===== SUPPLIED RECORDS

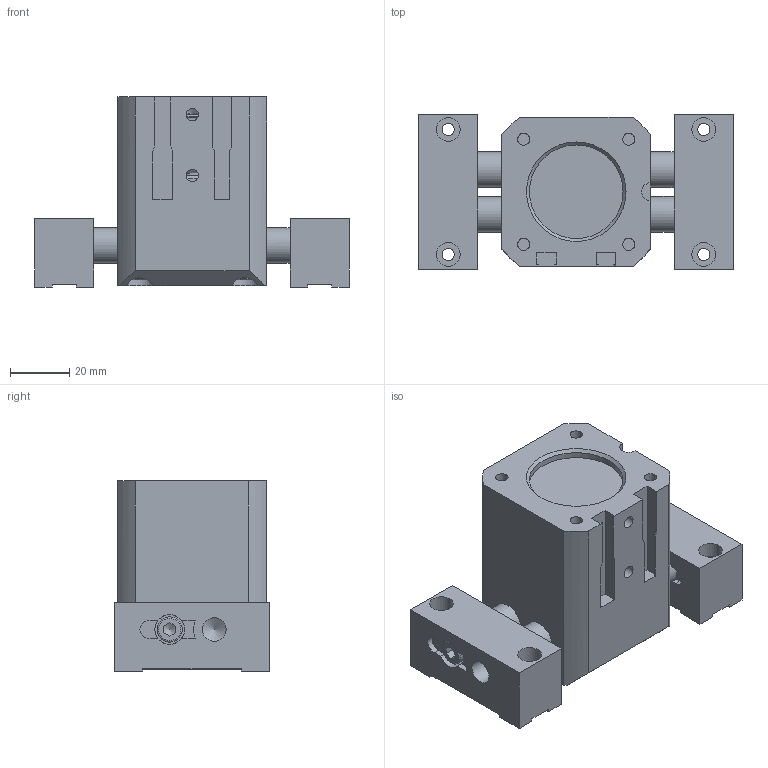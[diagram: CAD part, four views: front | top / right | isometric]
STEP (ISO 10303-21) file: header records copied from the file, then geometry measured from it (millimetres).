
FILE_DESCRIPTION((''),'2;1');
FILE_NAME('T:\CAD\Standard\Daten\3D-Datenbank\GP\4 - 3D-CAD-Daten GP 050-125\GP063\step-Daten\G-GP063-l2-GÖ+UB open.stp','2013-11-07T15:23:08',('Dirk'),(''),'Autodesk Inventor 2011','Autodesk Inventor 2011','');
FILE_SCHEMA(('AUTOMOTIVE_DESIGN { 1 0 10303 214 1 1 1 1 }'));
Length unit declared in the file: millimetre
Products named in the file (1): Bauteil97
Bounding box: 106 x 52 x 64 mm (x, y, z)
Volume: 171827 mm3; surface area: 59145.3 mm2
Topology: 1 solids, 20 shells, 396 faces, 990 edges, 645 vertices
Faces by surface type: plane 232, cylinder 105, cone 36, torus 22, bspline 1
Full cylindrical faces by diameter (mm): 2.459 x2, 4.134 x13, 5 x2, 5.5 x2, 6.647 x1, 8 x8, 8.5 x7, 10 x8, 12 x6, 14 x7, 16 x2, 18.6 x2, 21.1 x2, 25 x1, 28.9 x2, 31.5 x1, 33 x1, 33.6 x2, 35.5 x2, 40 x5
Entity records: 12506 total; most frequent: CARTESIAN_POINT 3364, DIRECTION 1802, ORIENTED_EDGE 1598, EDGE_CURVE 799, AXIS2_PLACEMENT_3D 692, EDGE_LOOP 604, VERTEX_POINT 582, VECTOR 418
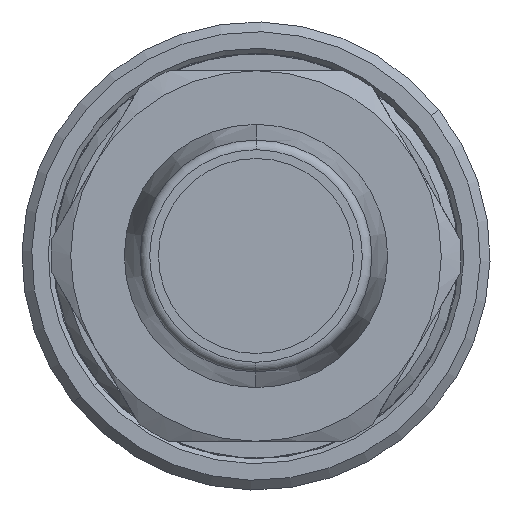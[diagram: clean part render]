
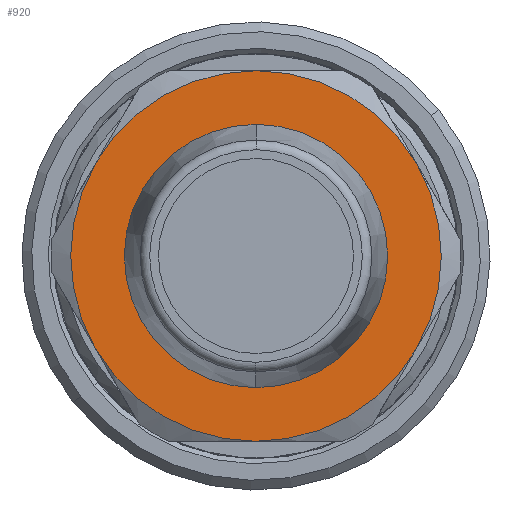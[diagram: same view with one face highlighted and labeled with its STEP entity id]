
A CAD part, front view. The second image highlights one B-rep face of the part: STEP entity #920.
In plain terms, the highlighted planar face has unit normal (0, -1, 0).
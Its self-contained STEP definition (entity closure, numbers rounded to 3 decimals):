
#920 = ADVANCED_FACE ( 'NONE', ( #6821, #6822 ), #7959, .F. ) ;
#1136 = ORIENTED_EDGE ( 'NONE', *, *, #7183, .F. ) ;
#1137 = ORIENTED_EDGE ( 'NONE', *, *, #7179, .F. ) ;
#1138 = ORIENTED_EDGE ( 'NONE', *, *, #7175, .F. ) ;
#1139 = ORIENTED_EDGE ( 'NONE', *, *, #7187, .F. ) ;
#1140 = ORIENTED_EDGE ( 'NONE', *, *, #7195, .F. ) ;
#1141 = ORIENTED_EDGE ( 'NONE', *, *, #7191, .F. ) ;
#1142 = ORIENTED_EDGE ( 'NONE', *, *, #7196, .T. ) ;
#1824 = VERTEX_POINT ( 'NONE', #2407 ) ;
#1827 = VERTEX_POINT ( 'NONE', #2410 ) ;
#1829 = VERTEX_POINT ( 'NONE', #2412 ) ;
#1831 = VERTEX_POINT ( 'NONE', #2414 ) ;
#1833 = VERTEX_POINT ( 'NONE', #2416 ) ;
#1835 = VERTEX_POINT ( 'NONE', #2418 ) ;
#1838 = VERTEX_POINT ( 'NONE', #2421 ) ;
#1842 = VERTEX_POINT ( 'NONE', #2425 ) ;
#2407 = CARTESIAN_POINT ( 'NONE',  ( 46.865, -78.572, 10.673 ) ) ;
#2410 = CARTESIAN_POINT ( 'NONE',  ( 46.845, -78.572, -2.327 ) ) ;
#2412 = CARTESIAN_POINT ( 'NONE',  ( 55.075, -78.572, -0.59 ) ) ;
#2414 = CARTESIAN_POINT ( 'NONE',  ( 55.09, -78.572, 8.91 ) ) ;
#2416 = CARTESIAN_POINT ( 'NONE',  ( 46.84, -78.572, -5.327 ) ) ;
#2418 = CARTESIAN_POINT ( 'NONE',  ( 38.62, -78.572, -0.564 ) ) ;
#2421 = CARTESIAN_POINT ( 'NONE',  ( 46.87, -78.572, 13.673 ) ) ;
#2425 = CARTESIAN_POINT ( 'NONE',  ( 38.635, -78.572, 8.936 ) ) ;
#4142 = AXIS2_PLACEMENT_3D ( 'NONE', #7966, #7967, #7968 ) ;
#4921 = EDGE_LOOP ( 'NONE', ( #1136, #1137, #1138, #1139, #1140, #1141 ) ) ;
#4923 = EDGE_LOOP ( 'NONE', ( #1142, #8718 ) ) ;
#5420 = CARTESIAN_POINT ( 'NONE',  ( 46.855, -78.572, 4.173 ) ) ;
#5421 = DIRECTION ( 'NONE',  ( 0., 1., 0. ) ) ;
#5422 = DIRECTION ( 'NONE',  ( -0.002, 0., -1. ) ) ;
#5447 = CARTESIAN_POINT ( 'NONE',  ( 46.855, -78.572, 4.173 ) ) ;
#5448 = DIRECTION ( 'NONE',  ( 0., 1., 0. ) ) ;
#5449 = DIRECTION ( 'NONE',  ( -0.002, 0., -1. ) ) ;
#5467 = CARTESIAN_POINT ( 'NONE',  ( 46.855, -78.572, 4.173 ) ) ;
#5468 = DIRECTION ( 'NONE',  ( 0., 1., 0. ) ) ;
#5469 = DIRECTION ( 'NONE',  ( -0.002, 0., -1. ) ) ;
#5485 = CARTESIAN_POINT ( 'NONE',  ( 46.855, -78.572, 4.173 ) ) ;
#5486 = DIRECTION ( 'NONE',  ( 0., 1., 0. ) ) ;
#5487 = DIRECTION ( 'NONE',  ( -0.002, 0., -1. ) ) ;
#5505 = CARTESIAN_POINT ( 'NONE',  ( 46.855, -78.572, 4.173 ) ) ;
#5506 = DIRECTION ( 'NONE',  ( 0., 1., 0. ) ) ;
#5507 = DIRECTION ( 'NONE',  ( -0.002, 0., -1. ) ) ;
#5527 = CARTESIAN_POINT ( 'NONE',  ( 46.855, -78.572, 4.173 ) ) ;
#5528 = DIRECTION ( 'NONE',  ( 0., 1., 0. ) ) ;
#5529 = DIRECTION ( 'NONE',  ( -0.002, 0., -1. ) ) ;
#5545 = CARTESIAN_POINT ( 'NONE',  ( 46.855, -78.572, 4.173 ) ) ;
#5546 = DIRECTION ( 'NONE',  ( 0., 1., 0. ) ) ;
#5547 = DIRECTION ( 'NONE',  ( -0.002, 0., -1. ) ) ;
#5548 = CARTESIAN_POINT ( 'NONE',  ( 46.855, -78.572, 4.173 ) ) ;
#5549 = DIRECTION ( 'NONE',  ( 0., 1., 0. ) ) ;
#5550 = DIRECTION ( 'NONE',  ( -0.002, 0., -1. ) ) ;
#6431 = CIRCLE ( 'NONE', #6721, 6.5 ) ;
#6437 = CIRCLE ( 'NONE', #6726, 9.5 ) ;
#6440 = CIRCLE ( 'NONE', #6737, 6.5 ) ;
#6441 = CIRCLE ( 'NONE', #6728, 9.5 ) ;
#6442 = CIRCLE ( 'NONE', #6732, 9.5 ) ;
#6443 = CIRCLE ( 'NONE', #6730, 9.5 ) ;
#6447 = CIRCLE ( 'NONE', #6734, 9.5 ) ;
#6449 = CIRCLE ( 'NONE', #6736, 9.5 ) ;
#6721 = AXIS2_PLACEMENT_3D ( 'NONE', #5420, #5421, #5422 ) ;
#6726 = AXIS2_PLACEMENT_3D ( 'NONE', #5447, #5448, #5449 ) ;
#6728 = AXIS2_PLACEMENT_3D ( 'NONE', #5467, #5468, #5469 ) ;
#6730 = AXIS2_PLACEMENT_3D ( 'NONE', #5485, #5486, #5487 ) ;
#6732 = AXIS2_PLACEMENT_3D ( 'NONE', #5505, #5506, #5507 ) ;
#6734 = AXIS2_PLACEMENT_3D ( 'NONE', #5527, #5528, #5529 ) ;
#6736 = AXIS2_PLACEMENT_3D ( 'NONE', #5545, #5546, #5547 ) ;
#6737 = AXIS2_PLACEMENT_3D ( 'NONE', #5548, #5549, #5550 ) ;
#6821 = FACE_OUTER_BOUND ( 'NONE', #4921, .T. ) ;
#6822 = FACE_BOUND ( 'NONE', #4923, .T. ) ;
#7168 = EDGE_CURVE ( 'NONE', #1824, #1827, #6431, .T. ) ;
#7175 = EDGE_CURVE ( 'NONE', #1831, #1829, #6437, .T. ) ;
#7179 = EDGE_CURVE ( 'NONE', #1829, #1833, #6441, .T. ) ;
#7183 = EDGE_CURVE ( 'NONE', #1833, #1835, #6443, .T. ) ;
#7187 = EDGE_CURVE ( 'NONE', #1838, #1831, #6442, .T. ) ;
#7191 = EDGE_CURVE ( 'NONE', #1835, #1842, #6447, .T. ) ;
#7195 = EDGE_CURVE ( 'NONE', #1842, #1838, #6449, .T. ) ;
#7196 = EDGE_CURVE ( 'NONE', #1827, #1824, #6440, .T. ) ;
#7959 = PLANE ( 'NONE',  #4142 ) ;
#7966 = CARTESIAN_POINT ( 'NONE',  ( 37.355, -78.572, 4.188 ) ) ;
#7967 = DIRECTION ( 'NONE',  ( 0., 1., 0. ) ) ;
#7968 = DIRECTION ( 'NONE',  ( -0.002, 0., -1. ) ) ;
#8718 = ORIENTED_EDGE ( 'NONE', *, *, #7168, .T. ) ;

==========

__EXERCISE REQUIREMENTS__:
Once the line containing "#6449 = CIRCLE ( 'NONE', #6736, 9.5 ) ;" is found in the listing above, set down that line and every line after it, exactly.

__RESPONSE TO THIS TASK__:
#6449 = CIRCLE ( 'NONE', #6736, 9.5 ) ;
#6721 = AXIS2_PLACEMENT_3D ( 'NONE', #5420, #5421, #5422 ) ;
#6726 = AXIS2_PLACEMENT_3D ( 'NONE', #5447, #5448, #5449 ) ;
#6728 = AXIS2_PLACEMENT_3D ( 'NONE', #5467, #5468, #5469 ) ;
#6730 = AXIS2_PLACEMENT_3D ( 'NONE', #5485, #5486, #5487 ) ;
#6732 = AXIS2_PLACEMENT_3D ( 'NONE', #5505, #5506, #5507 ) ;
#6734 = AXIS2_PLACEMENT_3D ( 'NONE', #5527, #5528, #5529 ) ;
#6736 = AXIS2_PLACEMENT_3D ( 'NONE', #5545, #5546, #5547 ) ;
#6737 = AXIS2_PLACEMENT_3D ( 'NONE', #5548, #5549, #5550 ) ;
#6821 = FACE_OUTER_BOUND ( 'NONE', #4921, .T. ) ;
#6822 = FACE_BOUND ( 'NONE', #4923, .T. ) ;
#7168 = EDGE_CURVE ( 'NONE', #1824, #1827, #6431, .T. ) ;
#7175 = EDGE_CURVE ( 'NONE', #1831, #1829, #6437, .T. ) ;
#7179 = EDGE_CURVE ( 'NONE', #1829, #1833, #6441, .T. ) ;
#7183 = EDGE_CURVE ( 'NONE', #1833, #1835, #6443, .T. ) ;
#7187 = EDGE_CURVE ( 'NONE', #1838, #1831, #6442, .T. ) ;
#7191 = EDGE_CURVE ( 'NONE', #1835, #1842, #6447, .T. ) ;
#7195 = EDGE_CURVE ( 'NONE', #1842, #1838, #6449, .T. ) ;
#7196 = EDGE_CURVE ( 'NONE', #1827, #1824, #6440, .T. ) ;
#7959 = PLANE ( 'NONE',  #4142 ) ;
#7966 = CARTESIAN_POINT ( 'NONE',  ( 37.355, -78.572, 4.188 ) ) ;
#7967 = DIRECTION ( 'NONE',  ( 0., 1., 0. ) ) ;
#7968 = DIRECTION ( 'NONE',  ( -0.002, 0., -1. ) ) ;
#8718 = ORIENTED_EDGE ( 'NONE', *, *, #7168, .T. ) ;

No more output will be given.